───── Data records
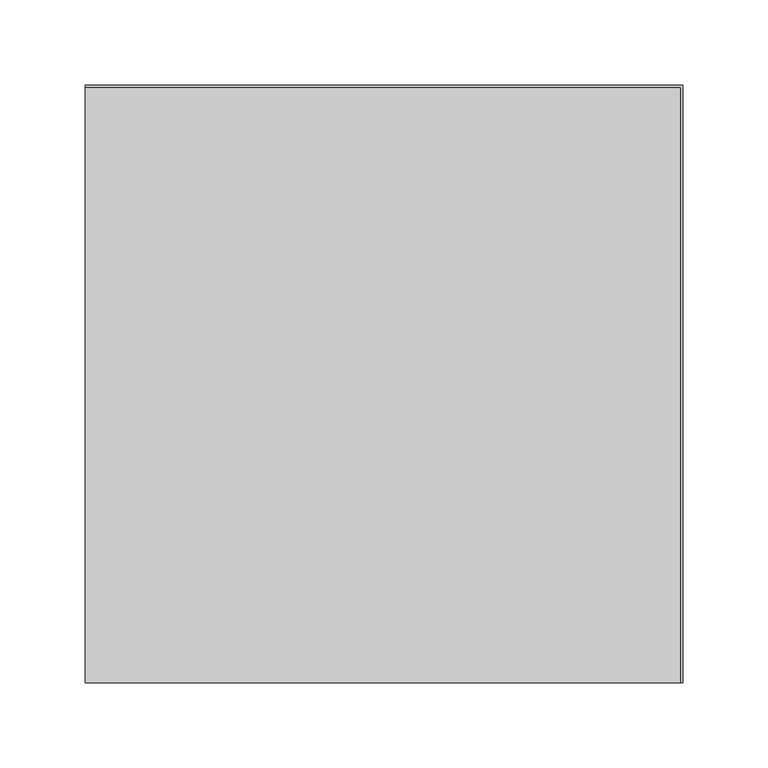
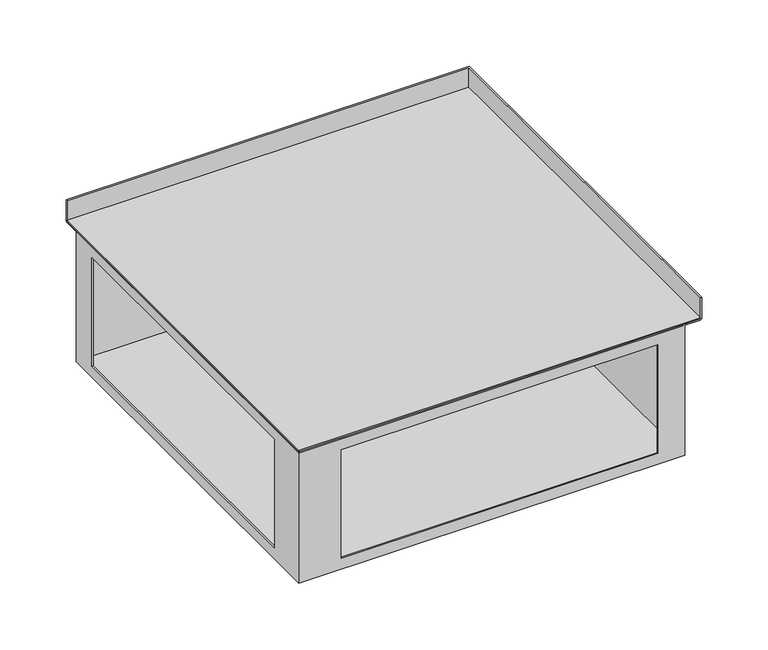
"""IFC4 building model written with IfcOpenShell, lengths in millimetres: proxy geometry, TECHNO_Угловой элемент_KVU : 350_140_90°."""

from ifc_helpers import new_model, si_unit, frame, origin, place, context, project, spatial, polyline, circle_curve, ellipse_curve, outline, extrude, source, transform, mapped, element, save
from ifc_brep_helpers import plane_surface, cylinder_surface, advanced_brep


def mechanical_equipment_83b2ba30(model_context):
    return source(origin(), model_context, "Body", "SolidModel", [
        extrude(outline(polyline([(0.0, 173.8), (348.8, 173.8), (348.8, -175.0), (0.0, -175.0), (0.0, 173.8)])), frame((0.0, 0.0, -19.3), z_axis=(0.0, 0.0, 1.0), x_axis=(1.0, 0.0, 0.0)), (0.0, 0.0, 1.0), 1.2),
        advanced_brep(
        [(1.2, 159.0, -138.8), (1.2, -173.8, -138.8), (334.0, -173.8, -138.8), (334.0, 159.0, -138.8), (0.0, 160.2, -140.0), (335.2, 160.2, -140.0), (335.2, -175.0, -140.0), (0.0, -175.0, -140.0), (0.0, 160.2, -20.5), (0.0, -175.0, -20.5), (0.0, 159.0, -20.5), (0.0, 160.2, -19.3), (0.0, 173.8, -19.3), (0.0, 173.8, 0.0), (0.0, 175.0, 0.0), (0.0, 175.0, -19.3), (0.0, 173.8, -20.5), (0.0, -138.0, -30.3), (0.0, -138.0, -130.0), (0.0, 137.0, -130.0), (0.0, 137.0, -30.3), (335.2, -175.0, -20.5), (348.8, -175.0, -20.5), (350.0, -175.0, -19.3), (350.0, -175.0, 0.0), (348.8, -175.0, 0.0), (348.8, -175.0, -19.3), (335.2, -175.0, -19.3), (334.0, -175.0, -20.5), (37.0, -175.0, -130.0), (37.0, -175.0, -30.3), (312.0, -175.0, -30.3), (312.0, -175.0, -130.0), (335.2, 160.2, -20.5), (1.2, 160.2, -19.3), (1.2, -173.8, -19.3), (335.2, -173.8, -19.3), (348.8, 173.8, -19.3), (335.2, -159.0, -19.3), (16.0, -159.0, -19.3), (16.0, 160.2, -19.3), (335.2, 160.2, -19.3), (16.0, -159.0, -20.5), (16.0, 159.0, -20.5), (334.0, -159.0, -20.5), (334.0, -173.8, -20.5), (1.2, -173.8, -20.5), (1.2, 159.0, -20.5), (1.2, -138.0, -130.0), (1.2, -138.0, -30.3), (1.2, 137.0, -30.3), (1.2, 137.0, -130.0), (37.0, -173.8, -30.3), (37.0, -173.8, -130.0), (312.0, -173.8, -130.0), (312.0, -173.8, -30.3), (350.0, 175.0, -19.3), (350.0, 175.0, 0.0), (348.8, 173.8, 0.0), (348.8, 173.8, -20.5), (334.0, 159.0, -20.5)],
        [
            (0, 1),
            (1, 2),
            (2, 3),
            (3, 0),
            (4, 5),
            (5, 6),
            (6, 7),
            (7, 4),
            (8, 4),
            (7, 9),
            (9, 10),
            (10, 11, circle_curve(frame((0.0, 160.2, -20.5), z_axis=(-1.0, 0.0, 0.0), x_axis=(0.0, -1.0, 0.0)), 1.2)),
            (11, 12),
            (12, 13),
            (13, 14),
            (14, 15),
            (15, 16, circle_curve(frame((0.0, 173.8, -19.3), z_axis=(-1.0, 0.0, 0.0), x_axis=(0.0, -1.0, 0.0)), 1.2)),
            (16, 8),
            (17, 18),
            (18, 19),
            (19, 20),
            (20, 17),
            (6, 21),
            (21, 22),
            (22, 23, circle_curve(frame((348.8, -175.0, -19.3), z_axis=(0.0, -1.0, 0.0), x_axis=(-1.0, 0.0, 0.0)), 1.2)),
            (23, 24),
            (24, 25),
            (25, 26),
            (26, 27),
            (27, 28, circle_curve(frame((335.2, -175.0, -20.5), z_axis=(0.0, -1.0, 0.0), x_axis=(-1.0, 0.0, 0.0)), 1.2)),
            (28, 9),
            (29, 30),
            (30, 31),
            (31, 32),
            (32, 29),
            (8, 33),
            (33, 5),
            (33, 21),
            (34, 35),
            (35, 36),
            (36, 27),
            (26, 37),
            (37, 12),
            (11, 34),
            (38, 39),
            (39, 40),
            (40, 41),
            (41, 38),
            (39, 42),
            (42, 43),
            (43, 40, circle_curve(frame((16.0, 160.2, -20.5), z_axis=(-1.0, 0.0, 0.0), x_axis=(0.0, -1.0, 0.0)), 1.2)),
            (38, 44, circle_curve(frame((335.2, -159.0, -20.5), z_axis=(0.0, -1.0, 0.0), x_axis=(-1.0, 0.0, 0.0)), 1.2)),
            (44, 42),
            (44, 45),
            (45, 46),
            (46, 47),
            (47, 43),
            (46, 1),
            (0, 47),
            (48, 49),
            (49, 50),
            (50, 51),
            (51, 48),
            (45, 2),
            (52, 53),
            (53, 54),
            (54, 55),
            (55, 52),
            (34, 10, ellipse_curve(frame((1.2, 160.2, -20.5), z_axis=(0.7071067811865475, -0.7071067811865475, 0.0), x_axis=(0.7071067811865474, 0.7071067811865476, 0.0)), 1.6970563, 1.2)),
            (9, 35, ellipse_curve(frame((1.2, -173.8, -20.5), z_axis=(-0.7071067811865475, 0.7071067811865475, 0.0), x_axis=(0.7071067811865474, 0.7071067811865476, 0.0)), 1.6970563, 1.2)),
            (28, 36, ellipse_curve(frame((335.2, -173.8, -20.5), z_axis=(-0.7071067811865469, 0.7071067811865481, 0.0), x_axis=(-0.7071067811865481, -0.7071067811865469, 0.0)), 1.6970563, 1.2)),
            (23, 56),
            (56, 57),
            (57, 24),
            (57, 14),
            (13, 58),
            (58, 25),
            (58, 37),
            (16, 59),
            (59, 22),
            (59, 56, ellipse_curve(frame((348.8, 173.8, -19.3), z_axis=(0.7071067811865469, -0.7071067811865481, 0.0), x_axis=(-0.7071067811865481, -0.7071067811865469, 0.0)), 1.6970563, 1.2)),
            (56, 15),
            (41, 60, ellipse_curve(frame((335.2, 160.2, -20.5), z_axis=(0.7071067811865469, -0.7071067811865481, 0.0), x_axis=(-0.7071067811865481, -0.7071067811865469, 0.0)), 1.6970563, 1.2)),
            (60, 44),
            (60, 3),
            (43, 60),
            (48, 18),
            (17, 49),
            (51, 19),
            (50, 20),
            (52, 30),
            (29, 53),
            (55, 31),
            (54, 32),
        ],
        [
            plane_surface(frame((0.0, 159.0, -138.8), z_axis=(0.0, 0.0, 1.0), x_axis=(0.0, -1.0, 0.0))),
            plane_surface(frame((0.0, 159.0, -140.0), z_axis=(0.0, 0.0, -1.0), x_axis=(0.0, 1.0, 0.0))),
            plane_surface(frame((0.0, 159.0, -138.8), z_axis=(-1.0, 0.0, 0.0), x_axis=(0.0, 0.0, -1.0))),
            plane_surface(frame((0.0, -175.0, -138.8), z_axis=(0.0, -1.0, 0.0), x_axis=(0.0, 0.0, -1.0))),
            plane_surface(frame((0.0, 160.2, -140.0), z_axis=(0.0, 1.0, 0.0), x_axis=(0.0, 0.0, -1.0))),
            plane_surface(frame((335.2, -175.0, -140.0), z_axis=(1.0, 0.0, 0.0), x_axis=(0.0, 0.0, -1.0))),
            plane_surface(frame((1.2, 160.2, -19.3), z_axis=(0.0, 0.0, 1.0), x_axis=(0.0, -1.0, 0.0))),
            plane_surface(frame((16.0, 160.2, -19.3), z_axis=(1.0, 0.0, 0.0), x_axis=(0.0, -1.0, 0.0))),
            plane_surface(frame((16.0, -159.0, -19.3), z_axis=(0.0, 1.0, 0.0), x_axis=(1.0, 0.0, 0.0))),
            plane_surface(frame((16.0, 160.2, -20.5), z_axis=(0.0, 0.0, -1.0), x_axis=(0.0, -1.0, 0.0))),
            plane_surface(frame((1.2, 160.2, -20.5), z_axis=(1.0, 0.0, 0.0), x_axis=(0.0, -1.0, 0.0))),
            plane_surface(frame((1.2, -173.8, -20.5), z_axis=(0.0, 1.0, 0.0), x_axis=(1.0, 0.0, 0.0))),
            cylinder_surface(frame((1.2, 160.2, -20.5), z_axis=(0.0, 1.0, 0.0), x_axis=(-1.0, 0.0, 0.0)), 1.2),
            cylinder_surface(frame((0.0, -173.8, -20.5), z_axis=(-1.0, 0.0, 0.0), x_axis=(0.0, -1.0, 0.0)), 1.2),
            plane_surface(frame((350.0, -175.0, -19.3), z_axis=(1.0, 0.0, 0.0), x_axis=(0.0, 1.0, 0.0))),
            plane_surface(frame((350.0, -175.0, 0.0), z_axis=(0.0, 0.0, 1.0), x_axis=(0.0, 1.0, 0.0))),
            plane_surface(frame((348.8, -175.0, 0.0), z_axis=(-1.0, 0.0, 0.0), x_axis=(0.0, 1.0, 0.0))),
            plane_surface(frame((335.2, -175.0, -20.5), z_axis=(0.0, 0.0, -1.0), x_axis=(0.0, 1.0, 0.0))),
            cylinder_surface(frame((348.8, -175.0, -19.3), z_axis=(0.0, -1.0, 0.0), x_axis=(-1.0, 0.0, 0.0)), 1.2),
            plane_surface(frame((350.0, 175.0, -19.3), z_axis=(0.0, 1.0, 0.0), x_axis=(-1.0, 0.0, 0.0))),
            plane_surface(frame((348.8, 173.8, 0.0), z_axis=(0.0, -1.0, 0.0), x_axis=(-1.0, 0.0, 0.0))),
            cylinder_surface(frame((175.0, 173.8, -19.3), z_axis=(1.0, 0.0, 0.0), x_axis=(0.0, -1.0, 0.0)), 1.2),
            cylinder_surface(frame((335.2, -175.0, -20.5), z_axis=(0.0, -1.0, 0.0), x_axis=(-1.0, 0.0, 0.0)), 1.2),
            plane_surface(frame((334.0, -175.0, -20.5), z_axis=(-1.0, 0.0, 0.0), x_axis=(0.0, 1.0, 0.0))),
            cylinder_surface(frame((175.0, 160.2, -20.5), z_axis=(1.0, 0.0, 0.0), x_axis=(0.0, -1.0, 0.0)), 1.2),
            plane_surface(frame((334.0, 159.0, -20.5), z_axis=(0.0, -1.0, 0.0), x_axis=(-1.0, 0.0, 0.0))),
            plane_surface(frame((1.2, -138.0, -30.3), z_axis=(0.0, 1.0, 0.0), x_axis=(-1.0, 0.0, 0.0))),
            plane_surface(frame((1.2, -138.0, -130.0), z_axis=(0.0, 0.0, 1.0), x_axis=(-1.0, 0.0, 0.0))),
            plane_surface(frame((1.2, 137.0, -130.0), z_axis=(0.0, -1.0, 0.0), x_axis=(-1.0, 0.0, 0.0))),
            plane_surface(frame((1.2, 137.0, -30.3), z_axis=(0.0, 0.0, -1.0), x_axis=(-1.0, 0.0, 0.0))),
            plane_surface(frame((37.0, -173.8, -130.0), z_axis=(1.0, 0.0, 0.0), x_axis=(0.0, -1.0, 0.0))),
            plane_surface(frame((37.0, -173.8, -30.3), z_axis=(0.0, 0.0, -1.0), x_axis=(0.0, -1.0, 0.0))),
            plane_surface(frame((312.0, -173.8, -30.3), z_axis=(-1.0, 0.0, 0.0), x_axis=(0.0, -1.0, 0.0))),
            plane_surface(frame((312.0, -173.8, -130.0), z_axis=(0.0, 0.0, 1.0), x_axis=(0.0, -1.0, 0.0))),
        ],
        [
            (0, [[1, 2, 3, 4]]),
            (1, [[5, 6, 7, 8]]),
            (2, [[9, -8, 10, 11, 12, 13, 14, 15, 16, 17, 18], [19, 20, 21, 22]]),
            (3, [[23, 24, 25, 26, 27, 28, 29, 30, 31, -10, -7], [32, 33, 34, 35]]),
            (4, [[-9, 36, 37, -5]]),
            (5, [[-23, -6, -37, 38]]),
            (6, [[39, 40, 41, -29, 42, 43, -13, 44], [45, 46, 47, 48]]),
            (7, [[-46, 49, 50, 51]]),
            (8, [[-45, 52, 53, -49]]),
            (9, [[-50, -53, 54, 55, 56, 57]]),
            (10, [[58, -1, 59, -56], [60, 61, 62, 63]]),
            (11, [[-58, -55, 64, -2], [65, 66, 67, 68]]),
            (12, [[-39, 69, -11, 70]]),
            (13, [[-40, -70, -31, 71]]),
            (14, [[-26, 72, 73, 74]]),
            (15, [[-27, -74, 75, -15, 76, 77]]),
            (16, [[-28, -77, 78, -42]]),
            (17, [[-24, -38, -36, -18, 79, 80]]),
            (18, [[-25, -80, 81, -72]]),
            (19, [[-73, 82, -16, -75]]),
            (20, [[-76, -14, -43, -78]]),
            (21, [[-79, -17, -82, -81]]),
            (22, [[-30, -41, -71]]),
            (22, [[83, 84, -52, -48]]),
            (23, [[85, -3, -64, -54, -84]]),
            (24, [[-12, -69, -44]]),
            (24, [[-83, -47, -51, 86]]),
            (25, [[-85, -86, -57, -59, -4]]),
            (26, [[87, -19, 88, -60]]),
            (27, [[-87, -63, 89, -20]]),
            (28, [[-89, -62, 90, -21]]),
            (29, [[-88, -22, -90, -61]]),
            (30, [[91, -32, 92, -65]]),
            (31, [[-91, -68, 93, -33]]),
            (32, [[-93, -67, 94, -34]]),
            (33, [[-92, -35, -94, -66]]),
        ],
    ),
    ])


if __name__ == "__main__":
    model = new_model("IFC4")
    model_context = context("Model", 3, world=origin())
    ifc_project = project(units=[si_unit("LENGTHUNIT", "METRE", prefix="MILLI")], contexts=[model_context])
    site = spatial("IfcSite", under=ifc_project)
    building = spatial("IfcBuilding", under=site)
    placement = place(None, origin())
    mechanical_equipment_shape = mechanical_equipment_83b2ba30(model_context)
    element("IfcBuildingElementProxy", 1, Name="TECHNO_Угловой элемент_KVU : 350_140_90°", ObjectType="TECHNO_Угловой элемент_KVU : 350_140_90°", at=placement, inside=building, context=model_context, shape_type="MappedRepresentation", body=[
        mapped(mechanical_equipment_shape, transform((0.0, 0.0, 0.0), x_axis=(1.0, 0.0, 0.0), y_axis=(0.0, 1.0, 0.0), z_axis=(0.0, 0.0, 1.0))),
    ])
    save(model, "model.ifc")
──────────
The problem:
Work out how many lines above contain "building"; write only the number.

Solution below:
3